Items from a data source:
——

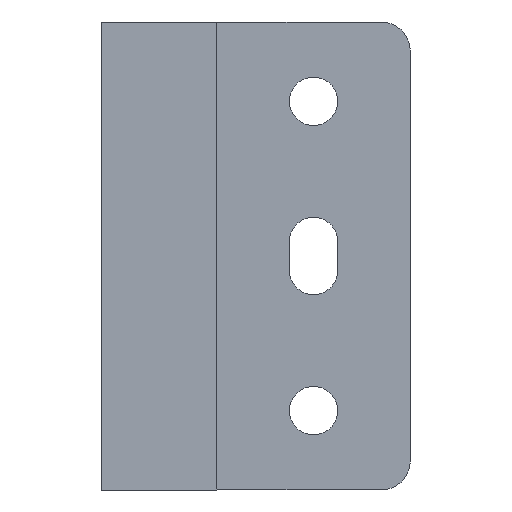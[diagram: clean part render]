
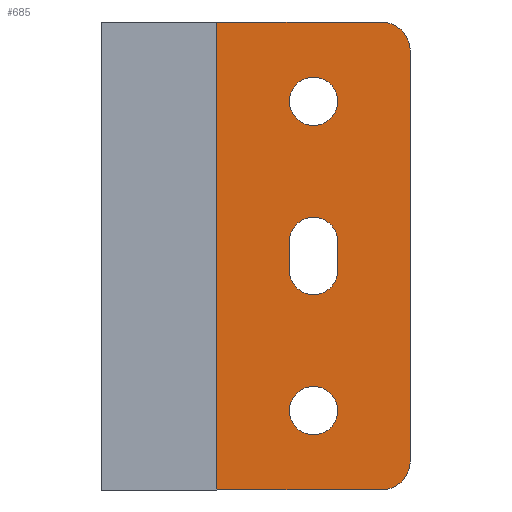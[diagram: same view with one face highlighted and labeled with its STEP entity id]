
A CAD part, front view. The second image highlights one B-rep face of the part: STEP entity #685.
In plain terms, the highlighted planar face has unit normal (0, -1, 0).
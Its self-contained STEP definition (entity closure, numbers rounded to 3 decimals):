
#3 = EDGE_CURVE ( 'NONE', #94, #83, #461, .T. ) ;
#4 = EDGE_CURVE ( 'NONE', #89, #62, #568, .T. ) ;
#5 = EDGE_CURVE ( 'NONE', #67, #90, #542, .T. ) ;
#15 = AXIS2_PLACEMENT_3D ( 'NONE', #101, #98, #99 ) ;
#18 = AXIS2_PLACEMENT_3D ( 'NONE', #135, #132, #133 ) ;
#19 = AXIS2_PLACEMENT_3D ( 'NONE', #145, #147, #149 ) ;
#20 = AXIS2_PLACEMENT_3D ( 'NONE', #141, #140, #143 ) ;
#23 = AXIS2_PLACEMENT_3D ( 'NONE', #126, #125, #129 ) ;
#24 = AXIS2_PLACEMENT_3D ( 'NONE', #131, #139, #138 ) ;
#26 = AXIS2_PLACEMENT_3D ( 'NONE', #103, #102, #105 ) ;
#31 = EDGE_CURVE ( 'NONE', #79, #78, #631, .T. ) ;
#32 = EDGE_CURVE ( 'NONE', #90, #87, #607, .T. ) ;
#34 = EDGE_CURVE ( 'NONE', #87, #84, #610, .T. ) ;
#35 = EDGE_CURVE ( 'NONE', #88, #85, #585, .T. ) ;
#36 = EDGE_CURVE ( 'NONE', #83, #94, #504, .T. ) ;
#37 = EDGE_CURVE ( 'NONE', #62, #89, #490, .T. ) ;
#39 = EDGE_CURVE ( 'NONE', #85, #96, #619, .T. ) ;
#41 = EDGE_CURVE ( 'NONE', #67, #78, #617, .T. ) ;
#43 = EDGE_CURVE ( 'NONE', #79, #84, #622, .T. ) ;
#57 = CARTESIAN_POINT ( 'NONE',  ( -10., 0., 8.2 ) ) ;
#62 = VERTEX_POINT ( 'NONE', #157 ) ;
#67 = VERTEX_POINT ( 'NONE', #168 ) ;
#78 = VERTEX_POINT ( 'NONE', #181 ) ;
#79 = VERTEX_POINT ( 'NONE', #186 ) ;
#83 = VERTEX_POINT ( 'NONE', #188 ) ;
#84 = VERTEX_POINT ( 'NONE', #191 ) ;
#85 = VERTEX_POINT ( 'NONE', #190 ) ;
#87 = VERTEX_POINT ( 'NONE', #192 ) ;
#88 = VERTEX_POINT ( 'NONE', #193 ) ;
#89 = VERTEX_POINT ( 'NONE', #196 ) ;
#90 = VERTEX_POINT ( 'NONE', #195 ) ;
#94 = VERTEX_POINT ( 'NONE', #197 ) ;
#95 = VERTEX_POINT ( 'NONE', #198 ) ;
#96 = VERTEX_POINT ( 'NONE', #201 ) ;
#98 = DIRECTION ( 'NONE',  ( 0., -1., 0. ) ) ;
#99 = DIRECTION ( 'NONE',  ( 1., 0., 0. ) ) ;
#101 = CARTESIAN_POINT ( 'NONE',  ( 0., 0., 0. ) ) ;
#102 = DIRECTION ( 'NONE',  ( 0., -1., 0. ) ) ;
#103 = CARTESIAN_POINT ( 'NONE',  ( 0., 0., -32. ) ) ;
#104 = DIRECTION ( 'NONE',  ( 0., 0., -1. ) ) ;
#105 = DIRECTION ( 'NONE',  ( 1., 0., 0. ) ) ;
#125 = DIRECTION ( 'NONE',  ( 0., -1., 0. ) ) ;
#126 = CARTESIAN_POINT ( 'NONE',  ( 7., 0., 5.2 ) ) ;
#127 = CARTESIAN_POINT ( 'NONE',  ( -10., 0., -40.2 ) ) ;
#128 = DIRECTION ( 'NONE',  ( 1., 0., 0. ) ) ;
#129 = DIRECTION ( 'NONE',  ( -1., 0., 0. ) ) ;
#131 = CARTESIAN_POINT ( 'NONE',  ( 0., 0., 0. ) ) ;
#132 = DIRECTION ( 'NONE',  ( 0., -1., 0. ) ) ;
#133 = DIRECTION ( 'NONE',  ( -1., 0., 0. ) ) ;
#135 = CARTESIAN_POINT ( 'NONE',  ( 7., 0., -37.2 ) ) ;
#136 = CARTESIAN_POINT ( 'NONE',  ( 2.5, 0., -14.5 ) ) ;
#137 = DIRECTION ( 'NONE',  ( 0., 0., 1. ) ) ;
#138 = DIRECTION ( 'NONE',  ( 1., 0., 0. ) ) ;
#139 = DIRECTION ( 'NONE',  ( 0., -1., 0. ) ) ;
#140 = DIRECTION ( 'NONE',  ( 0., -1., 0. ) ) ;
#141 = CARTESIAN_POINT ( 'NONE',  ( 0., 0., -32. ) ) ;
#142 = CARTESIAN_POINT ( 'NONE',  ( -10., 0., 8.2 ) ) ;
#143 = DIRECTION ( 'NONE',  ( 1., 0., 0. ) ) ;
#145 = CARTESIAN_POINT ( 'NONE',  ( 0., 0., -14.5 ) ) ;
#147 = DIRECTION ( 'NONE',  ( 0., -1., 0. ) ) ;
#149 = DIRECTION ( 'NONE',  ( 1., 0., 0. ) ) ;
#150 = CARTESIAN_POINT ( 'NONE',  ( 10., 0., 8.2 ) ) ;
#152 = DIRECTION ( 'NONE',  ( 1., 0., 0. ) ) ;
#156 = DIRECTION ( 'NONE',  ( 0., 0., -1. ) ) ;
#157 = CARTESIAN_POINT ( 'NONE',  ( 2.5, 0., -32. ) ) ;
#168 = CARTESIAN_POINT ( 'NONE',  ( -10., 0., 8.2 ) ) ;
#181 = CARTESIAN_POINT ( 'NONE',  ( 7., 0., 8.2 ) ) ;
#186 = CARTESIAN_POINT ( 'NONE',  ( 10., 0., 5.2 ) ) ;
#188 = CARTESIAN_POINT ( 'NONE',  ( 2.5, 0., 0. ) ) ;
#190 = CARTESIAN_POINT ( 'NONE',  ( 2.5, 0., -14.5 ) ) ;
#191 = CARTESIAN_POINT ( 'NONE',  ( 10., 0., -37.2 ) ) ;
#192 = CARTESIAN_POINT ( 'NONE',  ( 7., 0., -40.2 ) ) ;
#193 = CARTESIAN_POINT ( 'NONE',  ( 2.5, 0., -17.5 ) ) ;
#195 = CARTESIAN_POINT ( 'NONE',  ( -10., 0., -40.2 ) ) ;
#196 = CARTESIAN_POINT ( 'NONE',  ( -2.5, 0., -32. ) ) ;
#197 = CARTESIAN_POINT ( 'NONE',  ( -2.5, 0., 0. ) ) ;
#198 = CARTESIAN_POINT ( 'NONE',  ( -2.5, 0., -17.5 ) ) ;
#201 = CARTESIAN_POINT ( 'NONE',  ( -2.5, 0., -14.5 ) ) ;
#218 = CARTESIAN_POINT ( 'NONE',  ( 0., 0., -17.5 ) ) ;
#219 = DIRECTION ( 'NONE',  ( 0., -1., 0. ) ) ;
#230 = DIRECTION ( 'NONE',  ( 1., 0., 0. ) ) ;
#234 = CARTESIAN_POINT ( 'NONE',  ( -2.5, 0., -14.5 ) ) ;
#236 = DIRECTION ( 'NONE',  ( 0., 0., -1. ) ) ;
#302 = PLANE ( 'NONE',  #662 ) ;
#305 = CARTESIAN_POINT ( 'NONE',  ( -10., 0., 8.2 ) ) ;
#312 = DIRECTION ( 'NONE',  ( -1., 0., 0. ) ) ;
#313 = DIRECTION ( 'NONE',  ( 0., 1., 0. ) ) ;
#354 = FACE_BOUND ( 'NONE', #507, .T. ) ;
#367 = VECTOR ( 'NONE', #236, 1000. ) ;
#377 = CIRCLE ( 'NONE', #657, 2.5 ) ;
#393 = LINE ( 'NONE', #234, #367 ) ;
#421 = FACE_BOUND ( 'NONE', #485, .T. ) ;
#424 = FACE_BOUND ( 'NONE', #606, .T. ) ;
#426 = FACE_OUTER_BOUND ( 'NONE', #539, .T. ) ;
#447 = ORIENTED_EDGE ( 'NONE', *, *, #4, .F. ) ;
#456 = ORIENTED_EDGE ( 'NONE', *, *, #32, .T. ) ;
#460 = ORIENTED_EDGE ( 'NONE', *, *, #31, .T. ) ;
#461 = CIRCLE ( 'NONE', #15, 2.5 ) ;
#472 = VECTOR ( 'NONE', #104, 1000. ) ;
#478 = ORIENTED_EDGE ( 'NONE', *, *, #35, .F. ) ;
#485 = EDGE_LOOP ( 'NONE', ( #578, #546, #478, #614 ) ) ;
#488 = ORIENTED_EDGE ( 'NONE', *, *, #41, .F. ) ;
#490 = CIRCLE ( 'NONE', #20, 2.5 ) ;
#504 = CIRCLE ( 'NONE', #24, 2.5 ) ;
#507 = EDGE_LOOP ( 'NONE', ( #535, #447 ) ) ;
#516 = ORIENTED_EDGE ( 'NONE', *, *, #5, .T. ) ;
#535 = ORIENTED_EDGE ( 'NONE', *, *, #37, .F. ) ;
#536 = ORIENTED_EDGE ( 'NONE', *, *, #3, .F. ) ;
#539 = EDGE_LOOP ( 'NONE', ( #456, #590, #618, #460, #488, #516 ) ) ;
#542 = LINE ( 'NONE', #57, #472 ) ;
#546 = ORIENTED_EDGE ( 'NONE', *, *, #39, .F. ) ;
#568 = CIRCLE ( 'NONE', #26, 2.5 ) ;
#578 = ORIENTED_EDGE ( 'NONE', *, *, #641, .F. ) ;
#581 = VECTOR ( 'NONE', #137, 1000. ) ;
#585 = LINE ( 'NONE', #136, #581 ) ;
#586 = ORIENTED_EDGE ( 'NONE', *, *, #36, .F. ) ;
#590 = ORIENTED_EDGE ( 'NONE', *, *, #34, .T. ) ;
#606 = EDGE_LOOP ( 'NONE', ( #586, #536 ) ) ;
#607 = LINE ( 'NONE', #127, #630 ) ;
#610 = CIRCLE ( 'NONE', #18, 3. ) ;
#614 = ORIENTED_EDGE ( 'NONE', *, *, #638, .F. ) ;
#616 = VECTOR ( 'NONE', #156, 1000. ) ;
#617 = LINE ( 'NONE', #142, #620 ) ;
#618 = ORIENTED_EDGE ( 'NONE', *, *, #43, .F. ) ;
#619 = CIRCLE ( 'NONE', #19, 2.5 ) ;
#620 = VECTOR ( 'NONE', #152, 1000. ) ;
#622 = LINE ( 'NONE', #150, #616 ) ;
#630 = VECTOR ( 'NONE', #128, 1000. ) ;
#631 = CIRCLE ( 'NONE', #23, 3. ) ;
#638 = EDGE_CURVE ( 'NONE', #95, #88, #377, .T. ) ;
#641 = EDGE_CURVE ( 'NONE', #96, #95, #393, .T. ) ;
#657 = AXIS2_PLACEMENT_3D ( 'NONE', #218, #219, #230 ) ;
#662 = AXIS2_PLACEMENT_3D ( 'NONE', #305, #313, #312 ) ;
#685 = ADVANCED_FACE ( 'NONE', ( #421, #354, #424, #426 ), #302, .F. ) ;

——

Activity:
Look above for the line with "#568 = CIRCLE ( 'NONE', #26, 2.5 ) ;"; retype exactly that line, every line after it up to the line with "#630 = VECTOR ( 'NONE', #128, 1000. ) ;", and that line too, nothing else.

Task answer:
#568 = CIRCLE ( 'NONE', #26, 2.5 ) ;
#578 = ORIENTED_EDGE ( 'NONE', *, *, #641, .F. ) ;
#581 = VECTOR ( 'NONE', #137, 1000. ) ;
#585 = LINE ( 'NONE', #136, #581 ) ;
#586 = ORIENTED_EDGE ( 'NONE', *, *, #36, .F. ) ;
#590 = ORIENTED_EDGE ( 'NONE', *, *, #34, .T. ) ;
#606 = EDGE_LOOP ( 'NONE', ( #586, #536 ) ) ;
#607 = LINE ( 'NONE', #127, #630 ) ;
#610 = CIRCLE ( 'NONE', #18, 3. ) ;
#614 = ORIENTED_EDGE ( 'NONE', *, *, #638, .F. ) ;
#616 = VECTOR ( 'NONE', #156, 1000. ) ;
#617 = LINE ( 'NONE', #142, #620 ) ;
#618 = ORIENTED_EDGE ( 'NONE', *, *, #43, .F. ) ;
#619 = CIRCLE ( 'NONE', #19, 2.5 ) ;
#620 = VECTOR ( 'NONE', #152, 1000. ) ;
#622 = LINE ( 'NONE', #150, #616 ) ;
#630 = VECTOR ( 'NONE', #128, 1000. ) ;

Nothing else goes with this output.